[Collected data]
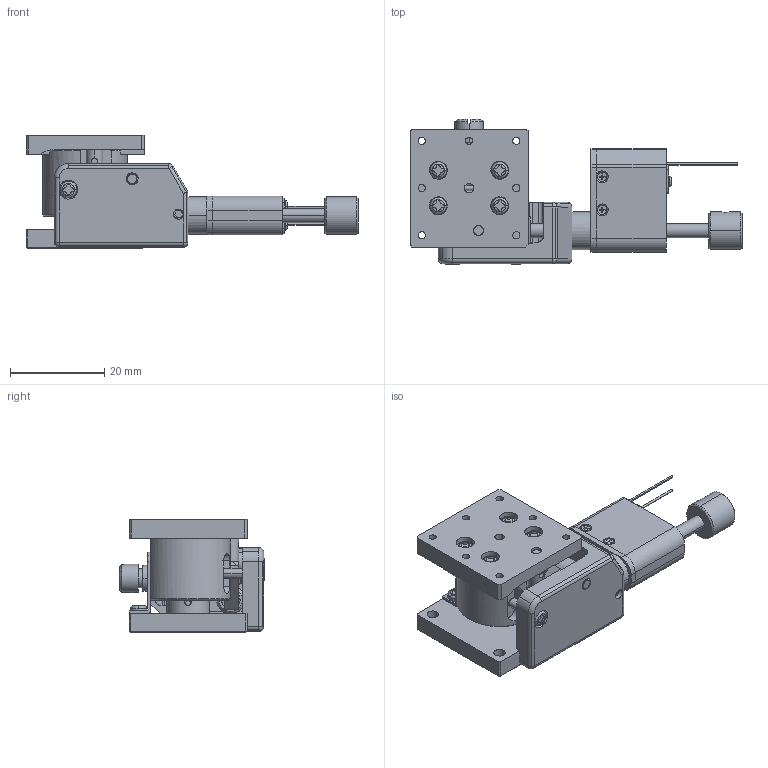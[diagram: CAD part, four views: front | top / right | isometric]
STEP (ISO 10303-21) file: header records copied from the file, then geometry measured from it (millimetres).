
FILE_DESCRIPTION (( 'STEP AP214' ), '1' );
FILE_NAME ('TSDS-253-PDM.STEP', '2024-06-12T11:28:43', ( '' ), ( '' ), 'SwSTEP 2.0', 'SolidWorks 2023', '' );
FILE_SCHEMA (( 'AUTOMOTIVE_DESIGN' ));
Length unit declared in the file: millimetre
Products named in the file (7): TSDS-253-C1A-S07; VPDM-6.5ACT; TSDS-253-C1A-S08; VPDM6A-M02-20001-S01; TSDS-253; VPDM6A-M02-20001-S04; TSDS-253-PDM
Assembly tree (6 placements, depth 3):
  TSDS-253-PDM
    TSDS-253
      TSDS-253-C1A-S07
      TSDS-253-C1A-S08
    VPDM-6.5ACT
      VPDM6A-M02-20001-S04
      VPDM6A-M02-20001-S01
Bounding box: 70.3 x 30.84 x 24 mm (x, y, z)
Volume: 6195.7 mm3; surface area: 12024.7 mm2
Topology: 15 solids, 34 shells, 1102 faces, 2756 edges, 1727 vertices
Faces by surface type: plane 471, cylinder 293, bspline 149, cone 117, sphere 37, torus 35
Entity records: 42892 total; most frequent: CARTESIAN_POINT 20003, ORIENTED_EDGE 5386, DIRECTION 3445, EDGE_CURVE 2711, VERTEX_POINT 1717, B_SPLINE_CURVE_WITH_KNOTS 1386, AXIS2_PLACEMENT_3D 1337, EDGE_LOOP 1246
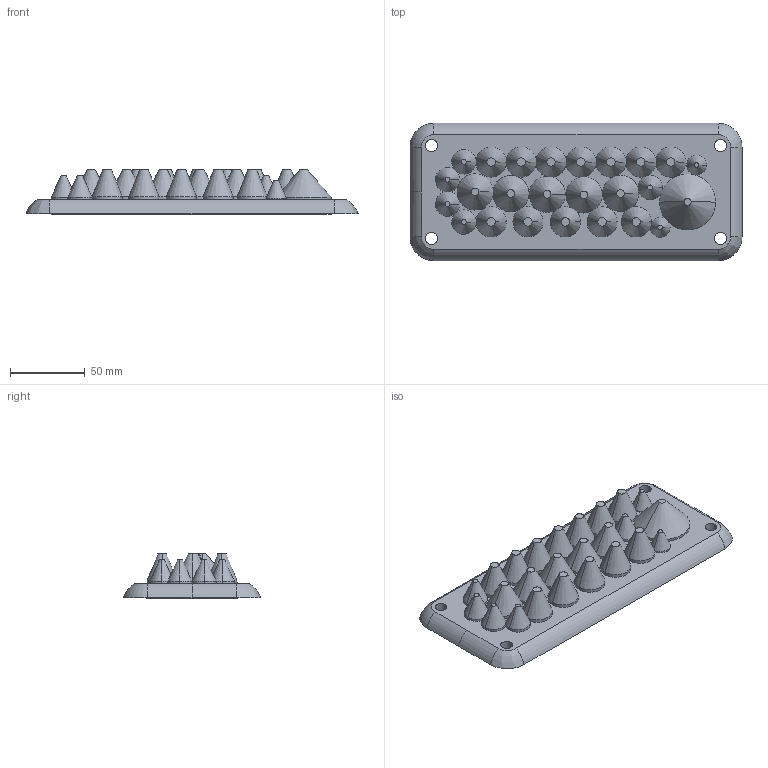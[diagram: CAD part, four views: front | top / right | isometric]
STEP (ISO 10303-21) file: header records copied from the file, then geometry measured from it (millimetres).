
FILE_DESCRIPTION (( 'STEP AP203' ), '1' );
FILE_NAME ('104335.STEP', '2012-12-12T07:52:45', ( 'Joni' ), ( 'Hewlett-Packard Company' ), 'SwSTEP 2.0', 'SolidWorks 2012', '' );
FILE_SCHEMA (( 'CONFIG_CONTROL_DESIGN' ));
Length unit declared in the file: millimetre
Products named in the file (1): 104335
Bounding box: 221.75 x 91.74 x 29.75 mm (x, y, z)
Volume: 253852.6 mm3; surface area: 57940.5 mm2
Topology: 1 solids, 1 shells, 319 faces, 793 edges, 512 vertices
Faces by surface type: cylinder 175, cone 76, plane 62, bspline 4, torus 2
Entity records: 9944 total; most frequent: CARTESIAN_POINT 1962, DIRECTION 1827, ORIENTED_EDGE 1586, AXIS2_PLACEMENT_3D 797, EDGE_CURVE 793, VERTEX_POINT 512, CIRCLE 481, EDGE_LOOP 363
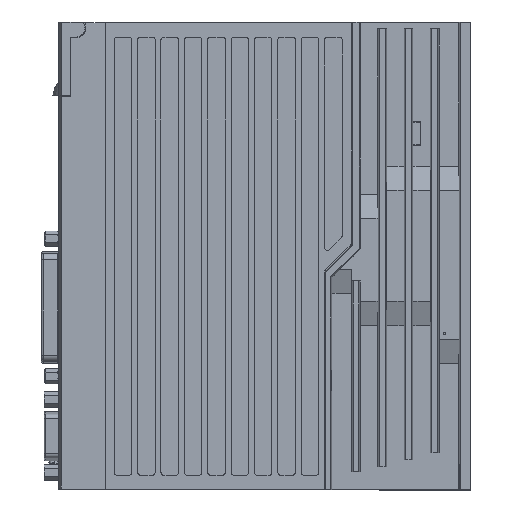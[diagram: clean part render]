
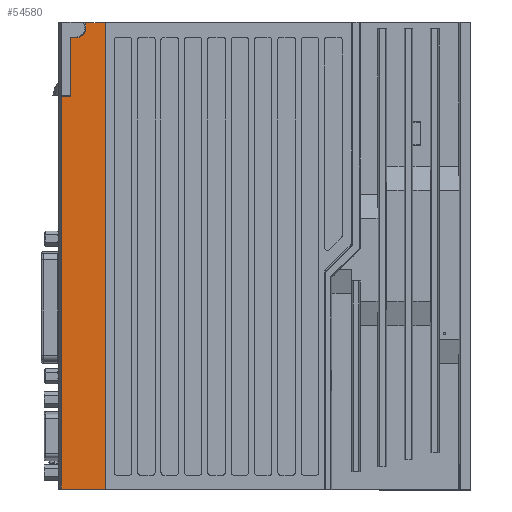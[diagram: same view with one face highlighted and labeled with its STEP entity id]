
A CAD part, top view. The second image highlights one B-rep face of the part: STEP entity #54580.
In plain terms, the highlighted planar face has unit normal (-0.018, 0, 1).
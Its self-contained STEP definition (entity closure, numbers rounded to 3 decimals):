
#7109=CARTESIAN_POINT('',(-0.153,0.268,
20.736));
#7111=CARTESIAN_POINT('',(-0.153,0.268,
20.736));
#7112=CARTESIAN_POINT('',(1.513,0.239,20.765));
#7113=CARTESIAN_POINT('',(4.856,0.176,20.823));
#7114=CARTESIAN_POINT('',(9.907,0.089,20.911));
#7115=CARTESIAN_POINT('',(13.298,0.03,20.97));
#7116=CARTESIAN_POINT('',(15.,0.,21.));
#7211=DIRECTION('',(0.,-1.,0.));
#7212=VECTOR('',#7211,160.);
#7213=CARTESIAN_POINT('',(15.,160.,21.));
#7214=LINE('',#7213,#7212);
#7215=CARTESIAN_POINT('',(-0.153,134.732,
20.736));
#7216=CARTESIAN_POINT('',(0.194,134.738,20.742));
#7217=CARTESIAN_POINT('',(0.889,134.755,20.754));
#7218=CARTESIAN_POINT('',(1.94,134.772,20.772));
#7219=CARTESIAN_POINT('',(2.646,134.784,20.784));
#7220=CARTESIAN_POINT('',(3.,134.791,20.791));
#7222=DIRECTION('',(0.,1.,0.));
#7223=VECTOR('',#7222,0.253);
#7224=CARTESIAN_POINT('',(3.,134.791,20.791));
#7225=LINE('',#7224,#7223);
#7226=CARTESIAN_POINT('',(5.,154.8,20.825));
#7227=CARTESIAN_POINT('',(5.078,154.8,20.827));
#7228=CARTESIAN_POINT('',(5.233,154.806,20.83));
#7229=CARTESIAN_POINT('',(5.468,154.831,20.834));
#7230=CARTESIAN_POINT('',(5.703,154.875,20.838));
#7231=CARTESIAN_POINT('',(5.934,154.936,20.842));
#7232=CARTESIAN_POINT('',(6.161,155.015,20.846));
#7233=CARTESIAN_POINT('',(6.383,155.111,20.85));
#7234=CARTESIAN_POINT('',(6.597,155.223,20.853));
#7235=CARTESIAN_POINT('',(6.801,155.351,20.857));
#7236=CARTESIAN_POINT('',(6.996,155.495,20.86));
#7237=CARTESIAN_POINT('',(7.178,155.652,20.863));
#7238=CARTESIAN_POINT('',(7.348,155.822,20.866));
#7239=CARTESIAN_POINT('',(7.505,156.004,20.869));
#7240=CARTESIAN_POINT('',(7.649,156.199,20.872));
#7241=CARTESIAN_POINT('',(7.776,156.403,20.874));
#7242=CARTESIAN_POINT('',(7.889,156.616,20.876));
#7243=CARTESIAN_POINT('',(7.985,156.838,20.878));
#7244=CARTESIAN_POINT('',(8.064,157.066,20.879));
#7245=CARTESIAN_POINT('',(8.125,157.297,20.88));
#7246=CARTESIAN_POINT('',(8.168,157.531,20.881));
#7247=CARTESIAN_POINT('',(8.194,157.767,20.881));
#7248=CARTESIAN_POINT('',(8.2,157.922,20.881));
#7249=CARTESIAN_POINT('',(8.2,158.,20.881));
#7251=DIRECTION('',(0.,1.,0.));
#7252=VECTOR('',#7251,1.881);
#7253=CARTESIAN_POINT('',(8.2,158.,20.881));
#7254=LINE('',#7253,#7252);
#7255=DIRECTION('',(1.,0.017,0.017));
#7256=VECTOR('',#7255,6.802);
#7257=CARTESIAN_POINT('',(8.2,159.881,20.881));
#7258=LINE('',#7257,#7256);
#16961=DIRECTION('',(0.,-1.,0.));
#16962=VECTOR('',#16961,134.464);
#16963=CARTESIAN_POINT('',(-0.153,134.732,
20.736));
#16964=LINE('',#16963,#16962);
#17473=DIRECTION('',(0.,-1.,0.));
#17474=VECTOR('',#17473,19.756);
#17475=CARTESIAN_POINT('',(3.,154.8,20.791));
#17476=LINE('',#17475,#17474);
#17751=DIRECTION('',(-1.,0.,-0.017));
#17752=VECTOR('',#17751,2.);
#17753=CARTESIAN_POINT('',(5.,154.8,20.825));
#17754=LINE('',#17753,#17752);
#34281=CARTESIAN_POINT('',(15.,160.,21.));
#34282=VERTEX_POINT('',#34281);
#35121=CARTESIAN_POINT('',(15.,0.,21.));
#35122=VERTEX_POINT('',#35121);
#35418=VERTEX_POINT('',#7109);
#35453=CARTESIAN_POINT('',(8.2,159.881,20.881));
#35454=VERTEX_POINT('',#35453);
#35463=CARTESIAN_POINT('',(-0.153,134.732,
20.736));
#35464=VERTEX_POINT('',#35463);
#35465=VERTEX_POINT('',#7220);
#35466=CARTESIAN_POINT('',(3.,135.044,20.791));
#35467=VERTEX_POINT('',#35466);
#35468=CARTESIAN_POINT('',(3.,154.8,20.791));
#35469=VERTEX_POINT('',#35468);
#35470=CARTESIAN_POINT('',(5.,154.8,20.825));
#35471=VERTEX_POINT('',#35470);
#35472=VERTEX_POINT('',#7249);
#54555=CARTESIAN_POINT('',(15.,0.,21.));
#54556=DIRECTION('',(-0.017,0.,1.));
#54557=DIRECTION('',(1.,0.,0.017));
#54558=AXIS2_PLACEMENT_3D('',#54555,#54556,#54557);
#54559=PLANE('',#54558);
#54561=ORIENTED_EDGE('',*,*,#54560,.T.);
#54562=ORIENTED_EDGE('',*,*,#54383,.F.);
#54564=ORIENTED_EDGE('',*,*,#54563,.F.);
#54566=ORIENTED_EDGE('',*,*,#54565,.T.);
#54568=ORIENTED_EDGE('',*,*,#54567,.T.);
#54570=ORIENTED_EDGE('',*,*,#54569,.F.);
#54572=ORIENTED_EDGE('',*,*,#54571,.F.);
#54574=ORIENTED_EDGE('',*,*,#54573,.T.);
#54576=ORIENTED_EDGE('',*,*,#54575,.T.);
#54577=ORIENTED_EDGE('',*,*,#54531,.T.);
#54578=EDGE_LOOP('',(#54561,#54562,#54564,#54566,#54568,#54570,#54572,#54574,
#54576,#54577));
#54579=FACE_OUTER_BOUND('',#54578,.F.);
#7117=B_SPLINE_CURVE_WITH_KNOTS('',3,(#7111,#7112,#7113,#7114,#7115,#7116),
.UNSPECIFIED.,.F.,.F.,(4,1,1,4),(0.,0.333,0.667,1.),
.UNSPECIFIED.);
#7221=B_SPLINE_CURVE_WITH_KNOTS('',3,(#7215,#7216,#7217,#7218,#7219,#7220),
.UNSPECIFIED.,.F.,.F.,(4,1,1,4),(0.,0.333,0.667,1.),
.UNSPECIFIED.);
#7250=B_SPLINE_CURVE_WITH_KNOTS('',3,(#7226,#7227,#7228,#7229,#7230,#7231,#7232,
#7233,#7234,#7235,#7236,#7237,#7238,#7239,#7240,#7241,#7242,#7243,#7244,#7245,
#7246,#7247,#7248,#7249),.UNSPECIFIED.,.F.,.F.,(4,1,1,1,1,1,1,1,1,1,1,1,1,1,1,1,
1,1,1,1,1,4),(0.,0.048,0.095,0.143,
0.19,0.238,0.286,0.333,
0.381,0.429,0.476,0.524,
0.571,0.619,0.667,0.714,
0.762,0.81,0.857,0.905,
0.952,1.),.UNSPECIFIED.);
#54383=EDGE_CURVE('',#35418,#35122,#7117,.T.);
#54531=EDGE_CURVE('',#35454,#34282,#7258,.T.);
#54560=EDGE_CURVE('',#34282,#35122,#7214,.T.);
#54563=EDGE_CURVE('',#35464,#35418,#16964,.T.);
#54565=EDGE_CURVE('',#35464,#35465,#7221,.T.);
#54567=EDGE_CURVE('',#35465,#35467,#7225,.T.);
#54569=EDGE_CURVE('',#35469,#35467,#17476,.T.);
#54571=EDGE_CURVE('',#35471,#35469,#17754,.T.);
#54573=EDGE_CURVE('',#35471,#35472,#7250,.T.);
#54575=EDGE_CURVE('',#35472,#35454,#7254,.T.);
#54580=ADVANCED_FACE('',(#54579),#54559,.T.);

- Assigned task -
Starting with the first line of the records above and stopping after the line containing "FILE_DESCRIPTION (( 'STEP AP214' ), '1' );", repeat every line exactly and leave out the pictures.

- Expected answer -
[diagram: CAD part, four views: front | top / right | isometric]
STEP (ISO 10303-21) file: header records copied from the file, then geometry measured from it (millimetres).
FILE_DESCRIPTION (( 'STEP AP214' ), '1' );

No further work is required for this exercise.